Edgewall Software
Modify

Opened 8 years ago

Closed 7 years ago

Last modified 5 years ago

#12847 closed defect (fixed)

TypeError: unicode argument expected, got 'str'

Reported by: Ryan J Ollos Owned by: Jun Omae
Priority: normal Milestone: 1.3.3
Component: wiki system Version:
Severity: normal Keywords:
Cc: Branch:
Release Notes:
API Changes:

Fixed TracHTMLSanitizer raising exceptions and decoding refs twice in title attributes.

Internal Changes:

Description

Found in the logs,

[pid 24004 139801362245376] 2017-06-19 08:03:12,877 Trac[formatter] ERROR: Processor html failed for <Resource u'wiki:SandBox@165'>:
Traceback (most recent call last):
  File "/usr/local/virtualenv/1.3dev/lib/python2.7/site-packages/trac/wiki/formatter.py", line 1195, in _exec_processor
    return processor.process(text)
  File "/usr/local/virtualenv/1.3dev/lib/python2.7/site-packages/trac/wiki/formatter.py", line 375, in process
    text = self.processor(text)
  File "/usr/local/virtualenv/1.3dev/lib/python2.7/site-packages/trac/wiki/formatter.py", line 228, in _html_processor
    return self._sanitizer.sanitize(text)
  File "/usr/local/virtualenv/1.3dev/lib/python2.7/site-packages/trac/util/html.py", line 645, in sanitize
    transform.feed(html)
  File "/usr/lib/python2.7/HTMLParser.py", line 117, in feed
    self.goahead(0)
  File "/usr/lib/python2.7/HTMLParser.py", line 222, in goahead
    self.handle_data("&")
  File "/usr/local/virtualenv/1.3dev/lib/python2.7/site-packages/trac/util/html.py", line 1012, in handle_data
    self.out.write(data)
TypeError: unicode argument expected, got 'str'

I've been seeing the error in the logs for a week or two, but until we upgraded to the latest Trac trunk with improved logging, couldn't see that the exception was being raised from SandBox@165.

Attachments (1)

test_failures.txt (4.5 KB ) - added by Ryan J Ollos 7 years ago.
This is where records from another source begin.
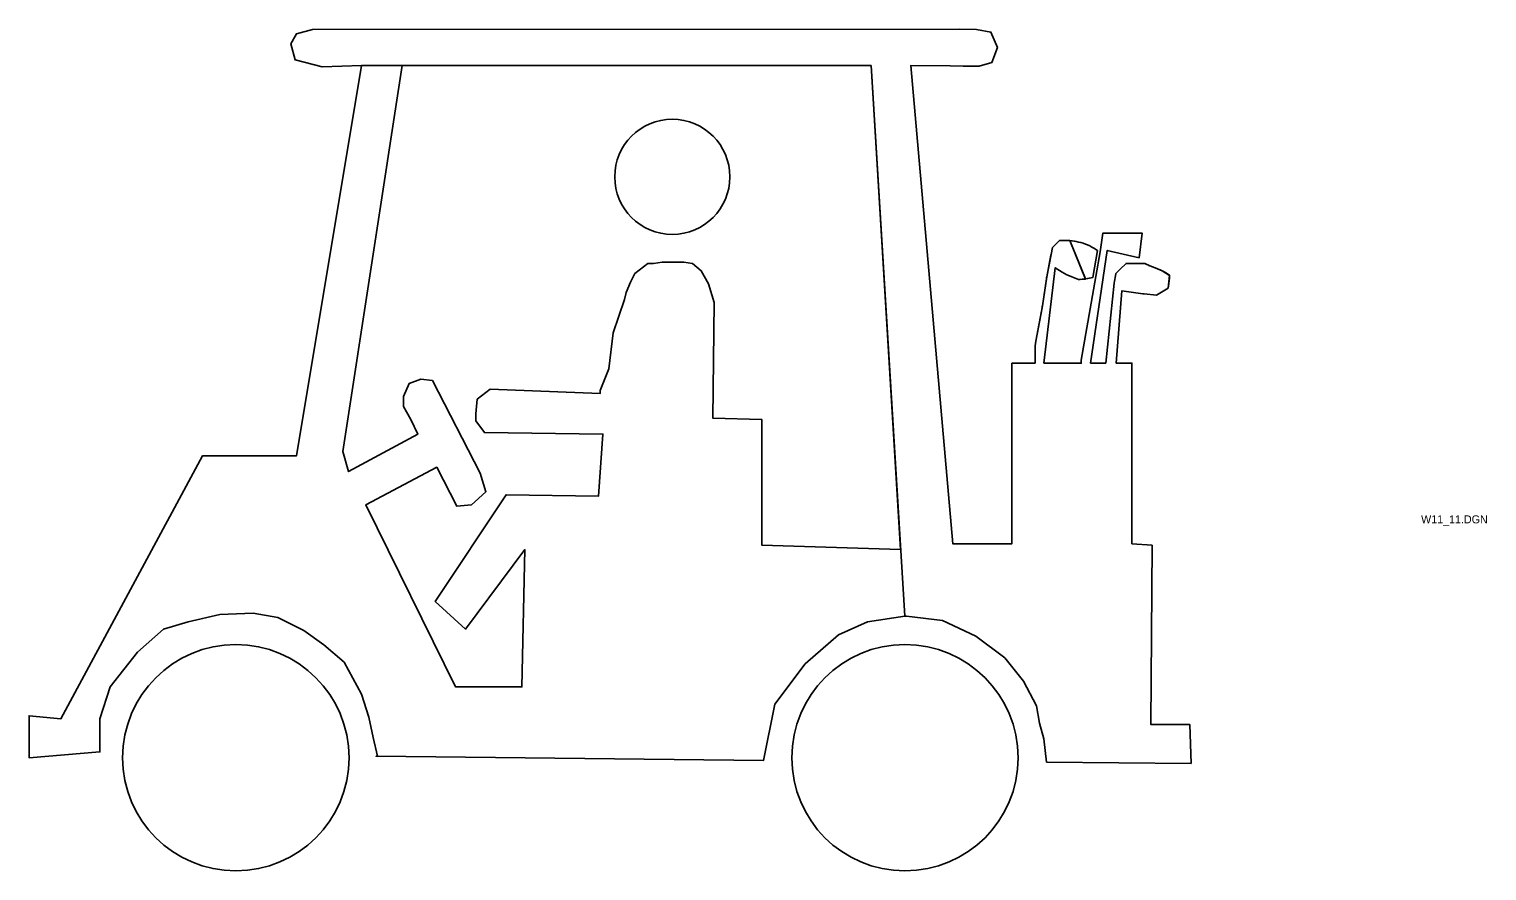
# Model space of a CAD drawing. Extents: x -0.249 to 0.289, y -0.061 to 0.281.
# Drawn here: x -0.2486 to 0.0247, y -0.0608 to 0.097 of the extents above; entities that cross this region are included whole.
import ezdxf

# ---------------------------------------------------------------- set-up
doc = ezdxf.new("R2010")
doc.units = 0
doc.layers.add('1', color=7, linetype='Continuous')

msp = doc.modelspace()

# ---------------------------------------------------------------- linework, layer by layer
at = {"layer": '1'}
for p, q in [((-0.18625068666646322, 0.09020722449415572), (-0.09075620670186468, 0.09021868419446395)), ((-0.09075620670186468, 0.09021868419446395), (-0.09072975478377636, 0.09021807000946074)), ((-0.08442831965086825, -0.013057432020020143), (-0.09072975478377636, 0.09021807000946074)), ((-0.09072975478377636, 0.09021807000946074), (-0.08442831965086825, -0.013057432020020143)), ((-0.052305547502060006, 0.05721657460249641), (-0.05349258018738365, 0.05743240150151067)), ((-0.05349258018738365, 0.05743240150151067), (-0.05052013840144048, 0.05019742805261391)), ((-0.05051633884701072, 0.05018983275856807), (-0.05349258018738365, 0.05743240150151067)), ((-0.057002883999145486, 0.054782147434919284), (-0.057793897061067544, 0.050567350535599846)), ((-0.05702579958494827, 0.05466387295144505), (-0.057793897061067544, 0.050567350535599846)), ((-0.052305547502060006, 0.05721657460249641), (-0.05260542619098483, 0.05727109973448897)), ((-0.049157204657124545, 0.05049058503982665), (-0.048265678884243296, 0.05554255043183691)), ((-0.048265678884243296, 0.05554255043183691), (-0.04894944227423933, 0.055952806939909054)), ((-0.048265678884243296, 0.05554255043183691), (-0.04894944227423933, 0.055952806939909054)), ((-0.04780300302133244, 0.055264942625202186), (-0.04861579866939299, 0.050659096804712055)), ((-0.057793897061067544, 0.050567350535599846), (-0.05861490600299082, 0.045138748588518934)), ((-0.05785454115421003, 0.05020786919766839), (-0.05861490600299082, 0.045138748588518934)), ((-0.05052013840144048, 0.05019742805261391), (-0.0518641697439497, 0.05011723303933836)), ((-0.05861490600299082, 0.045138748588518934), (-0.05982923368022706, 0.03855309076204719)), ((-0.058671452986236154, 0.044801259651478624), (-0.05982783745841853, 0.038556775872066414)), ((-0.059995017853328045, 0.03674046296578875), (-0.059995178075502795, 0.03440316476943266)), ((-0.059995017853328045, 0.03673658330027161), (-0.059995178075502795, 0.03440316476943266))]:
    msp.add_line(p, q, dxfattribs=at)
for points in [[(-0.059995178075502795, 0.03440316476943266), (-0.06378800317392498, 0.03440316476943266), (-0.06432986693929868, 0.03440316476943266), (-0.06432986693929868, 0.0005366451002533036), (-0.07543808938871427, 0.0005366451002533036), (-0.08329512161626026, 0.09021519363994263), (-0.07592294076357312, 0.09013905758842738), (-0.07345989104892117, 0.09009506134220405), (-0.07046904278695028, 0.09009506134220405), (-0.06812292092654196, 0.09075705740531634), (-0.06703836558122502, 0.09357077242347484), (-0.06827974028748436, 0.09649255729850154), (-0.07095285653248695, 0.09695849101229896), (-0.07414529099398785, 0.09703576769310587), (-0.19546105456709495, 0.09698849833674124), (-0.19844130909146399, 0.09617570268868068), (-0.19952503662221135, 0.09427917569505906), (-0.19871224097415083, 0.09129892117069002), (-0.19364430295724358, 0.08999081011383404), (-0.18625068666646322, 0.09020722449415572)], [(-0.186249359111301, 0.09021519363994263), (-0.19844130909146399, 0.017063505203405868), (-0.21605190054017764, 0.017063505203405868), (-0.24260325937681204, -0.03224615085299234), (-0.2485637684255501, -0.031704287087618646), (-0.2485637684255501, -0.03956131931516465), (-0.23528808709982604, -0.03847759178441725), (-0.23528808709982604, -0.03224615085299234), (-0.23339156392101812, -0.02628564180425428), (-0.22824385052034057, -0.01978326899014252), (-0.22336707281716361, -0.015448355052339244), (-0.2187612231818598, -0.014093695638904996), (-0.21280071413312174, -0.012739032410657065), (-0.20656927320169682, -0.012468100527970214), (-0.2019634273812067, -0.013280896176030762), (-0.19708664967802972, -0.015719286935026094), (-0.19329359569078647, -0.018428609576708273), (-0.18950054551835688, -0.02167979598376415), (-0.186249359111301, -0.027640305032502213), (-0.18489469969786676, -0.03197521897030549), (-0.1840819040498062, -0.03576826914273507), (-0.183269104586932, -0.0392903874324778), (-0.18354003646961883, -0.0392903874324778), (-0.11093020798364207, -0.04010318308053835), (-0.1087627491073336, -0.029536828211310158), (-0.10307317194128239, -0.021950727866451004), (-0.09684173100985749, -0.01653208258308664), (-0.0914230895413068, -0.014093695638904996), (-0.08442831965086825, -0.013057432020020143)], [(-0.09072975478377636, 0.09021807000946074), (-0.0851916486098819, -0.0005470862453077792), (-0.11120113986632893, 0.00026570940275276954), (-0.11120113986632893, 0.023836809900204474), (-0.12041283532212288, 0.024107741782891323), (-0.12014190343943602, 0.0457823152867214), (-0.12122563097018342, 0.04930443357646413), (-0.12258029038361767, 0.05174282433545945), (-0.12420588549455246, 0.05309748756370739), (-0.12583147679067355, 0.053368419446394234), (-0.12772800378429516, 0.053368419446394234), (-0.12989546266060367, 0.053368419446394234), (-0.13152105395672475, 0.05309748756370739), (-0.13260478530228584, 0.05309748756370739), (-0.1350431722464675, 0.05120096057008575), (-0.13585597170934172, 0.049575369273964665), (-0.13666876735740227, 0.047678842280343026), (-0.1369396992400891, 0.04632418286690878), (-0.1391071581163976, 0.04009274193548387), (-0.13991995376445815, 0.03331943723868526), (-0.14154554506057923, 0.029255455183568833), (-0.14154554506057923, 0.02871359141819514), (-0.16213639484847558, 0.029526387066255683), (-0.16457478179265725, 0.027629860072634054), (-0.16484571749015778, 0.02492053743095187), (-0.16484571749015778, 0.023565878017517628), (-0.163220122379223, 0.021398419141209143), (-0.14100368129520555, 0.021127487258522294), (-0.14181647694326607, 0.00947740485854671), (-0.15915614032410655, 0.009748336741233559), (-0.17243181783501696, -0.010300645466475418), (-0.16674224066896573, -0.015448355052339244), (-0.15563402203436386, -0.0005470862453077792), (-0.15617588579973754, -0.02628564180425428), (-0.16863876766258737, -0.02628564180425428), (-0.18543656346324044, 0.00785181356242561), (-0.1721608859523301, 0.014896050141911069), (-0.1683678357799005, 0.007580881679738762), (-0.16565851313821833, 0.00785181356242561), (-0.16294919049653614, 0.010290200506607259), (-0.16403291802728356, 0.013812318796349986), (-0.17297368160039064, 0.03115197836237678), (-0.17514114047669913, 0.03142291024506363), (-0.17730859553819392, 0.030610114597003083), (-0.178392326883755, 0.028171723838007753), (-0.178392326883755, 0.026275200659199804), (-0.17703766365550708, 0.023836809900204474), (-0.17568300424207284, 0.021127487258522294), (-0.18868774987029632, 0.014083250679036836), (-0.18977147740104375, 0.017876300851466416), (-0.17866325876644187, 0.09021519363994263)], [(-0.17866322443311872, 0.09021541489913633), (-0.09072975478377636, 0.09021807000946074)], [(-0.05439428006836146, 0.05743240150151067), (-0.05538910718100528, 0.05743240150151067), (-0.056743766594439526, 0.056077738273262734), (-0.057002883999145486, 0.054782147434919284)], [(-0.05349258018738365, 0.05743240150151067), (-0.05538910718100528, 0.05743240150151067), (-0.056743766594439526, 0.056077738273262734), (-0.057002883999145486, 0.054782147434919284)], [(-0.045167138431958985, 0.049419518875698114), (-0.04674710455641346, 0.034412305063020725), (-0.04958259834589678, 0.034412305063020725), (-0.046448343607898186, 0.055535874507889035), (-0.04048783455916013, 0.05418121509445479), (-0.03994597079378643, 0.05878706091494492), (-0.04726113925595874, 0.05878706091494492), (-0.04780300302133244, 0.055264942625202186)], [(-0.045167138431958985, 0.049419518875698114), (-0.04674710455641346, 0.034412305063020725), (-0.04958259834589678, 0.034412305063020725), (-0.046448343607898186, 0.055535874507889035), (-0.04048783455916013, 0.05418121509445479), (-0.03994597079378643, 0.05878706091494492), (-0.04726113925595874, 0.05878706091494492), (-0.04780300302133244, 0.055264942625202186)], [(-0.058361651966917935, 0.03440316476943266), (-0.05620190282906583, 0.05228468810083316), (-0.05488454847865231, 0.05146134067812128)], [(-0.058361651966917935, 0.03440316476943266), (-0.05620190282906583, 0.05228468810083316), (-0.05488454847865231, 0.05146134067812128)], [(-0.039234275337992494, 0.05301256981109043), (-0.03940410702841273, 0.05309748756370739), (-0.04075876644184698, 0.05309748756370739), (-0.042655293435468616, 0.05309748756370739), (-0.04292622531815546, 0.05309748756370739), (-0.04400995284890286, 0.05201375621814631), (-0.04482274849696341, 0.05120096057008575), (-0.044923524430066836, 0.050797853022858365)], [(-0.038476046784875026, 0.052672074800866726), (-0.03940410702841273, 0.05309748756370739), (-0.04075876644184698, 0.05309748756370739), (-0.042655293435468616, 0.05309748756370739), (-0.04292622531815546, 0.05309748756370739), (-0.04400995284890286, 0.05201375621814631), (-0.04482274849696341, 0.05120096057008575), (-0.044923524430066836, 0.050797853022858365)], [(-0.03689688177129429, 0.052040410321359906), (-0.037507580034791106, 0.05228468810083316), (-0.038476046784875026, 0.052672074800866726)], [(-0.03615292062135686, 0.05174282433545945), (-0.037507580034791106, 0.05228468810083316), (-0.038476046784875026, 0.052672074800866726)], [(-0.04861579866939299, 0.050659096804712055), (-0.05132512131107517, 0.03494502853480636), (-0.05132512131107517, 0.03440316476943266), (-0.058361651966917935, 0.03440316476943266)], [(-0.05309579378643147, 0.05057803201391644), (-0.051866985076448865, 0.05011723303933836), (-0.0518641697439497, 0.05011723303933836)], [(-0.05309579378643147, 0.05057803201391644), (-0.051866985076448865, 0.05011723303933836), (-0.05051633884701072, 0.05018983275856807)], [(-0.03956623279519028, 0.04739582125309), (-0.03723664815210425, 0.04713697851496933), (-0.035069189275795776, 0.04849163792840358), (-0.03479825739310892, 0.050836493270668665), (-0.03615292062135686, 0.05174282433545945)], [(-0.03479825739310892, 0.050836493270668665), (-0.03479825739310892, 0.05093002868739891), (-0.03546583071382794, 0.05133057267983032)], [(-0.030734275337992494, -0.04064504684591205), (-0.031005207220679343, -0.03332987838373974), (-0.03832037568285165, -0.03332987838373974), (-0.038049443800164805, 0.00026570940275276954), (-0.041842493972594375, 0.0005366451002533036), (-0.04184125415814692, 0.034412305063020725), (-0.04481176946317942, 0.034412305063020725), (-0.04373902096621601, 0.04794977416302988), (-0.039783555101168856, 0.04742237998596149)], [(-0.030734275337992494, -0.04064504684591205), (-0.031005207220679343, -0.03332987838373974), (-0.03832037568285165, -0.03332987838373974), (-0.038049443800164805, 0.00026570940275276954), (-0.041842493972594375, 0.0005366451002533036), (-0.04184125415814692, 0.034412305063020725), (-0.04481176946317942, 0.034412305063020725), (-0.04373902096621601, 0.04794977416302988), (-0.039783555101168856, 0.04742237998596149)], [(-0.03956623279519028, 0.04739582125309), (-0.03723664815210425, 0.04713697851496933), (-0.035069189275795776, 0.04849163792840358), (-0.03499245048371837, 0.048875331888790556)], [(-0.08442831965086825, -0.013057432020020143), (-0.0841079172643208, -0.013009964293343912), (-0.0773346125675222, -0.013822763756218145), (-0.07110317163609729, -0.01680301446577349), (-0.0656845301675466, -0.020867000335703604), (-0.06216241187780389, -0.025201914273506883), (-0.05972402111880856, -0.029807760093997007), (-0.059182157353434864, -0.033058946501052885), (-0.05836936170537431, -0.03603920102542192), (-0.05782749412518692, -0.0403741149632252), (-0.030734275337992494, -0.04064504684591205)]]:
    msp.add_lwpolyline(points, dxfattribs=at)
for centre, radius in [((-0.12799893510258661, 0.06935342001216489), 0.01079657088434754), ((-0.20982046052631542, -0.039561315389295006), 0.021217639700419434), ((-0.0843788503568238, -0.039561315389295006), 0.021217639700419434)]:
    msp.add_circle(centre, radius, dxfattribs=at)
for centre, radius, start, end in [((-0.05439427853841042, 0.04743240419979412), 0.01, 79.69515449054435, 89.99999982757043), ((-0.04719707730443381, 0.052820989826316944), 0.010000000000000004, 168.69006589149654, 169.3803437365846), ((-0.05409439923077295, 0.047377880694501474), 0.010000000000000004, 59.03624518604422, 79.69515449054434), ((-0.054094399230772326, 0.047377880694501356), 0.010000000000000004, 59.03624518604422, 79.69515449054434), ((-0.03476213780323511, 0.061956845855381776), 0.009999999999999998, 243.43495100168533, 248.1985927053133), ((-0.04061078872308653, 0.042755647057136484), 0.010000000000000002, 59.03624579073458, 68.1985920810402), ((-0.04796517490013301, 0.048724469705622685), 0.010000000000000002, 169.3803437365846, 171.4692335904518), ((-0.04958455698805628, 0.0599413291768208), 0.010000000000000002, 237.99461942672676, 249.4439564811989), ((-0.04958455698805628, 0.0599413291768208), 0.010000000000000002, 237.99461942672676, 249.4439564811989), ((-0.05186416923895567, 0.060117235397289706), 0.01, 270.00000014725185, 285.70572703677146), ((-0.05186416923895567, 0.060117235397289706), 0.010000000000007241, 270.00000019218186, 285.70572703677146), ((-0.03522210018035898, 0.048372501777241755), 0.010000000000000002, 165.96375439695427, 173.99000464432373), ((-0.03522210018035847, 0.04837250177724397), 0.010000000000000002, 165.96375439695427, 173.99000464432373), ((-0.04479825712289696, 0.05083649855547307), 0.01, 348.6900660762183, 359.9999992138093), ((-0.038461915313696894, 0.05733466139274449), 0.010000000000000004, 262.4053574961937, 263.6598087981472), ((-0.03846191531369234, 0.05733466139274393), 0.010000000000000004, 262.4053574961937, 263.6598087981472), ((-0.06850427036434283, 0.046622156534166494), 0.01, 349.5085220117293, 351.46923359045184), ((-0.04999501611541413, 0.03673588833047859), 0.01, 169.5085220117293, 179.99600206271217), ((-0.049995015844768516, 0.03673976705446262), 0.01, 169.5525992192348, 179.99600206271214)]:
    msp.add_arc(centre, radius, start, end, dxfattribs=at)

# ---------------------------------------------------------------- texts
msp.add_text('W11_11.DGN', height=0.0015, dxfattribs=at).set_placement((0.012375, 0.004375))

doc.saveas('drawing.dxf')

Download all attachments as: .zip

Change History (23)

comment:1 by Ryan J Ollos, 8 years ago

Issue also seen in comment:description:ticket:2558.

comment:2 by Jun Omae, 8 years ago

TracHTMLSanitizer with html special characters leads this issue:

>>> from trac.util.html import TracHTMLSanitizer
>>> sanitizer = TracHTMLSanitizer()
>>> sanitizer.sanitize(u'<div> &amp; </div>')
Markup(u'<div> &amp; </div>')
>>> sanitizer.sanitize(u'<div> & </div>')
Traceback (most recent call last):
  File "<stdin>", line 1, in <module>
  File "trac/util/html.py", line 645, in sanitize
    transform.feed(html)
  File "/usr/lib/python2.7/HTMLParser.py", line 117, in feed
    self.goahead(0)
  File "/usr/lib/python2.7/HTMLParser.py", line 222, in goahead
    self.handle_data("&")
  File "trac/util/html.py", line 1012, in handle_data
    self.out.write(data)
TypeError: unicode argument expected, got 'str'
>>> sanitizer.sanitize(u'<div> < </div>')
Traceback (most recent call last):
  File "<stdin>", line 1, in <module>
  File "trac/util/html.py", line 645, in sanitize
    transform.feed(html)
  File "/usr/lib/python2.7/HTMLParser.py", line 117, in feed
    self.goahead(0)
  File "/usr/lib/python2.7/HTMLParser.py", line 171, in goahead
    self.handle_data("<")
  File "trac/util/html.py", line 1012, in handle_data
    self.out.write(data)
TypeError: unicode argument expected, got 'str'
>>> sanitizer.sanitize(u'<div> > </div>')
Markup(u'<div> > </div>')

I think we should add test cases for sanitizer with malformed html.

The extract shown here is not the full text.